Determination of an optimal threshold value for muscle activity detection in EMG analysis


ÖZGÜNEN K. T., CELIK U., KURDAK S. S.

JOURNAL OF SPORTS SCIENCE AND MEDICINE, vol.9, no.4, pp.620-628, 2010 (SCI-Expanded) identifier identifier identifier

  • Publication Type: Article / Article
  • Volume: 9 Issue: 4
  • Publication Date: 2010
  • Journal Name: JOURNAL OF SPORTS SCIENCE AND MEDICINE
  • Journal Indexes: Science Citation Index Expanded (SCI-EXPANDED), Scopus
  • Page Numbers: pp.620-628
  • Çukurova University Affiliated: Yes

Abstract

It is commonly agreed that one needs to use a threshold value in the detection of muscle activity timing in electromyographic (EMG) signal analysis. However, the algorithm for threshold determination lacks an agreement between the investigators. In this study we aimed to determine a proper threshold value in an incremental cycling exercise for accurate EMG signal analysis. Nine healthy recreationally active male subjects cycled until exhaustion.
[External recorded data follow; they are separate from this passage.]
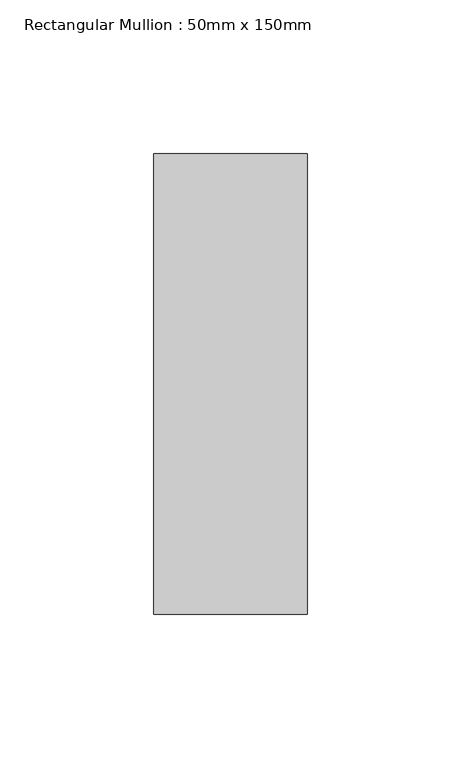
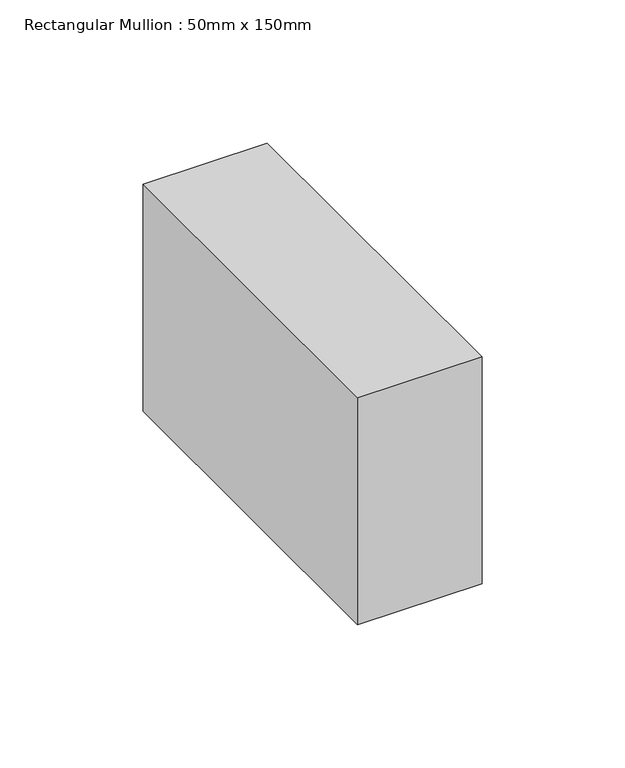
"""IFC4 building model written with IfcOpenShell, lengths in millimetres: member geometry, Rectangular Mullion : 50mm x 150mm."""

from ifc_helpers import new_model, si_unit, frame, origin, place, context, project, spatial, polyline, outline, extrude, source, transform, mapped, element, save


def rectangular_mullion_50mm_x_150mm_80e47556(model_context):
    return source(origin(), model_context, "Body", "SweptSolid", [
        extrude(outline(polyline([(0.0, 75.0), (0.0, -75.0), (-50.0, -75.0), (-50.0, 75.0), (0.0, 75.0)])), frame((0.0, 0.0, -96.8181816), z_axis=(0.0, 0.0, 1.0), x_axis=(1.0, 0.0, 0.0)), (0.0, 0.0, 1.0), 96.8181816),
    ])


if __name__ == "__main__":
    model = new_model("IFC4")
    model_context = context("Model", 3, world=origin())
    ifc_project = project(units=[si_unit("LENGTHUNIT", "METRE", prefix="MILLI")], contexts=[model_context])
    site = spatial("IfcSite", under=ifc_project)
    building = spatial("IfcBuilding", under=site)
    placement = place(None, origin())
    rectangular_mullion_50mm_x_150mm_shape = rectangular_mullion_50mm_x_150mm_80e47556(model_context)
    element("IfcMember", 1, ObjectType="Rectangular Mullion : 50mm x 150mm", at=placement, inside=building, context=model_context, shape_type="MappedRepresentation", body=[
        mapped(rectangular_mullion_50mm_x_150mm_shape, transform((0.0, 0.0, 0.0), x_axis=(1.0, 0.0, 0.0), y_axis=(0.0, 1.0, 0.0), z_axis=(0.0, 0.0, 1.0))),
    ])
    save(model, "model.ifc")

# Revit data of these elements
# Type "Rectangular Mullion : 50mm x 150mm"
#   built-in parameter 1007304 = 0.492126 (stored number, unit not read)
#   built-in parameter 1007301 = 0.082021 (stored number, unit not read)
#   built-in parameter 1007300 = 0.082021 (stored number, unit not read)
# Element 1 (IfcMember, "Rectangular Mullion : 50mm x 150mm")
#   Materials on its faces: "Aluminum"
# Materials
#   "Aluminum": class "Metal", colour RGB 244 244 244, transparency 0, Description = "Aluminum 6061", Cost = 0

EMG recordings were performed on four low extremity muscle groups; gastrocnemius lateralis (GL), gastrocnemius medialis (GM), soleus (SOL) and vastus medialis (VM). We have analyzed our data using three different threshold levels: 25%, 35% and 45% of the mean RMS EMG value. We compared the appropriateness of these threshold values using two criteria: (1) significant correlation between the actual and estimated number of bursts and (2) proximity of the regression line of the actual and estimated number of bursts to the line of identity. It had been possible to find a significant correlation between the actual and estimated number of bursts with the 25, 35 and 45% threshold values for the GL muscle. Correlation analyses for the VM muscle had shown that the number of bursts estimated with the 35% threshold value was found to be significantly correlated with the actual number of bursts. For the GM muscle, it had been possible to predict the burst number by using either the 35% or 45% threshold value and for the SOL muscle the 25% threshold value was found as the best predictor for actual number of burst estimation. Detailed analyses of the actual and estimated number of bursts had shown that success of threshold estimation may differ among muscle groups. Evaluation of our data had clearly shown that it is important to select proper threshold values for correct EMG signal analyses. Using a single threshold value for different exercise intensities and different muscle groups may cause misleading results.